You can also get a specific property like this serviceUser.Element("USER_NAME").Value. Note that the tag names are case sensitive!

Remove Namespace attribute from Xml Node in Serialized Value

I'm having to recreate a vendor's XML file. I don't have access to their code, schema, or anything, so I'm doing this using the XmlSerializer and attributes. I'm doing it this way because the system is using a generic XmlWriter I've built to write other system XML files, so I'm killing two birds with one stone. Everything has been working out great, with exception of one property value.

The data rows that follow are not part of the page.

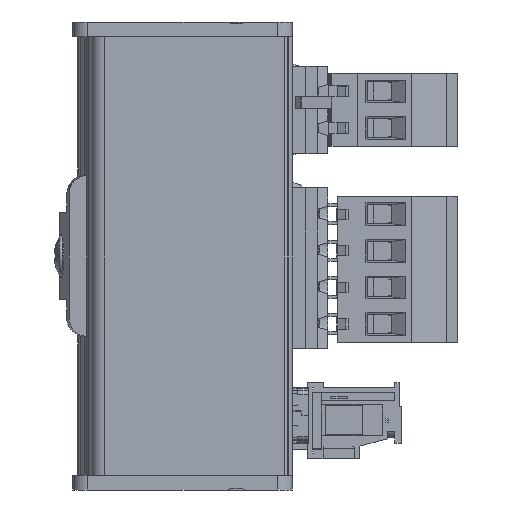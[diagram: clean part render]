
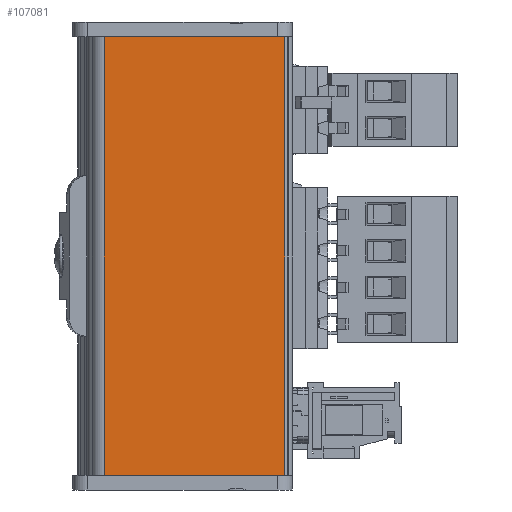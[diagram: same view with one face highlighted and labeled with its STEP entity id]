
A CAD part, front view. The second image highlights one B-rep face of the part: STEP entity #107081.
In plain terms, the highlighted planar face has unit normal (0, -1, 0).
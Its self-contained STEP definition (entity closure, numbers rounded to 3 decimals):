
#4857=PLANE('',#114844);
#9993=FACE_OUTER_BOUND('',#15760,.T.);
#15760=EDGE_LOOP('',(#94481,#94482,#94483,#94484,#94485,#94486));
#19716=LINE('',#148056,#31538);
#19789=LINE('',#148319,#31611);
#19822=LINE('',#148438,#31644);
#19878=LINE('',#148646,#31700);
#30213=LINE('',#175838,#42035);
#30214=LINE('',#175840,#42036);
#31538=VECTOR('',#117690,24.706);
#31611=VECTOR('',#117923,24.706);
#31644=VECTOR('',#118028,24.706);
#31700=VECTOR('',#118224,24.706);
#42035=VECTOR('',#141279,60.);
#42036=VECTOR('',#141282,60.);
#43658=VERTEX_POINT('',#148053);
#43659=VERTEX_POINT('',#148055);
#43763=VERTEX_POINT('',#148317);
#43812=VERTEX_POINT('',#148435);
#43813=VERTEX_POINT('',#148437);
#43889=VERTEX_POINT('',#148645);
#53510=EDGE_CURVE('',#43659,#43658,#19716,.T.);
#53643=EDGE_CURVE('',#43658,#43763,#19789,.T.);
#53704=EDGE_CURVE('',#43813,#43812,#19822,.T.);
#53808=EDGE_CURVE('',#43889,#43813,#19878,.T.);
#66192=EDGE_CURVE('',#43763,#43889,#30213,.T.);
#66193=EDGE_CURVE('',#43659,#43812,#30214,.T.);
#94481=ORIENTED_EDGE('',*,*,#53808,.T.);
#94482=ORIENTED_EDGE('',*,*,#53704,.T.);
#94483=ORIENTED_EDGE('',*,*,#66193,.F.);
#94484=ORIENTED_EDGE('',*,*,#53510,.T.);
#94485=ORIENTED_EDGE('',*,*,#53643,.T.);
#94486=ORIENTED_EDGE('',*,*,#66192,.T.);
#107081=ADVANCED_FACE('',(#9993),#4857,.T.);
#114844=AXIS2_PLACEMENT_3D('',#175839,#141280,#141281);
#117690=DIRECTION('',(1.,0.,0.));
#117923=DIRECTION('',(1.,0.,0.));
#118028=DIRECTION('',(-1.,0.,0.));
#118224=DIRECTION('',(-1.,0.,0.));
#141279=DIRECTION('',(0.,0.,1.));
#141280=DIRECTION('center_axis',(0.,-1.,0.));
#141281=DIRECTION('ref_axis',(0.,0.,-1.));
#141282=DIRECTION('',(0.,0.,1.));
#148053=CARTESIAN_POINT('',(467.227,201.934,0.));
#148055=CARTESIAN_POINT('',(442.553,201.934,0.));
#148056=CARTESIAN_POINT('',(442.553,201.934,0.));
#148317=CARTESIAN_POINT('',(467.259,201.934,0.));
#148319=CARTESIAN_POINT('',(442.553,201.934,0.));
#148435=CARTESIAN_POINT('',(442.553,201.934,60.));
#148437=CARTESIAN_POINT('',(467.227,201.934,60.));
#148438=CARTESIAN_POINT('',(467.259,201.934,60.));
#148645=CARTESIAN_POINT('',(467.259,201.934,60.));
#148646=CARTESIAN_POINT('',(467.259,201.934,60.));
#175838=CARTESIAN_POINT('',(467.259,201.934,0.));
#175839=CARTESIAN_POINT('Origin',(467.259,201.934,0.));
#175840=CARTESIAN_POINT('',(442.553,201.934,0.));

The vendor XML looks like this:
<TextOutlTxt>
<p style="text-align:left;margin-top:0pt;margin-bottom:0pt;">
<span>SUBSTA SF6 CIRCUIT BKR CONC FDN "C"</span>
</p>
</TextOutlTxt>
Here's my property configuration:
private string _value;
[XmlElement("TextOutlTxt")]
public XmlNode Value
{
get
{
string text = _value;
text = Regex.Replace(text, #"[\a\b\f\n\r\t\v\\""'&<>]", m => string.Join(string.Empty, m.Value.Select(c => string.Format("&#x{0:X};", Convert.ToInt32(c))).ToArray()));
string value = "\n<p style=\"text-align:left;margin-top:0pt;margin-bottom:0pt;\">\n<span>ReplaceMe</span>\n</p>\n";
XmlDocument document = new XmlDocument();
document.InnerXml = "<root>" + value + "</root>";
XmlNode innerNode = document.DocumentElement.FirstChild;
innerNode.InnerText = text;
return innerNode;
}
set
{ }
}
And this gives me:
<TextOutlTxt>
<p style="text-align:left;margin-top:0pt;margin-bottom:0pt;" xmlns="">SUBSTA SF6 CIRCUIT BKR CONC FDN &#x22;C&#x22;</p>
</TextOutlTxt>
So I'm close, but no cigar. There is an unwanted xmlns="..." attribute; it must not be present. In my XmlWriter, I have done the following to remove the namespace unless found atop the object it is serializing:
protected override void OnWrite<T>(T sourceData, Stream outputStream)
{
IKnownTypesLocator knownTypesLocator = KnownTypesLocator.Instance;
//Let's see if we can get the default namespace
XmlRootAttribute xmlRootAttribute = sourceData.GetType().GetCustomAttributes<XmlRootAttribute>().FirstOrDefault();
XmlSerializer serializer = null;
if (xmlRootAttribute != null)
{
string nameSpace = xmlRootAttribute.Namespace ?? string.Empty;
XmlSerializerNamespaces nameSpaces = new XmlSerializerNamespaces();
nameSpaces.Add(string.Empty, nameSpace);
serializer = new XmlSerializer(typeof(T), new XmlAttributeOverrides(), knownTypesLocator.XmlItems.ToArray(), xmlRootAttribute, nameSpace);
//Now we can serialize
using (StreamWriter writer = new StreamWriter(outputStream))
{
serializer.Serialize(writer, sourceData, nameSpaces);
}
}
else
{
serializer = new XmlSerializer(typeof(T), knownTypesLocator.XmlItems.ToArray());
//Now we can serialize
using (StreamWriter writer = new StreamWriter(outputStream))
{
serializer.Serialize(writer, sourceData);
}
}
}
I'm sure I'm overlooking something. Any help would be greatly appreciated!
UPDATE 9/26/2017
So... I've been asked to provide more detail, specifically an explanation of the purpose of my code, and a reproducible example. So here's both:
The purpose for the XML. I am writing an interface UI between two systems. I read data from one, give users options to massage the data, and then give the the ability to export the data into files the second system can import. It's regarding a bill of material system where system one are the CAD drawings and objects in those drawings and system two is an enterprise estimating system that is also being configured to support electronic bills of material. I was given the XMLs from the vendor to recreate.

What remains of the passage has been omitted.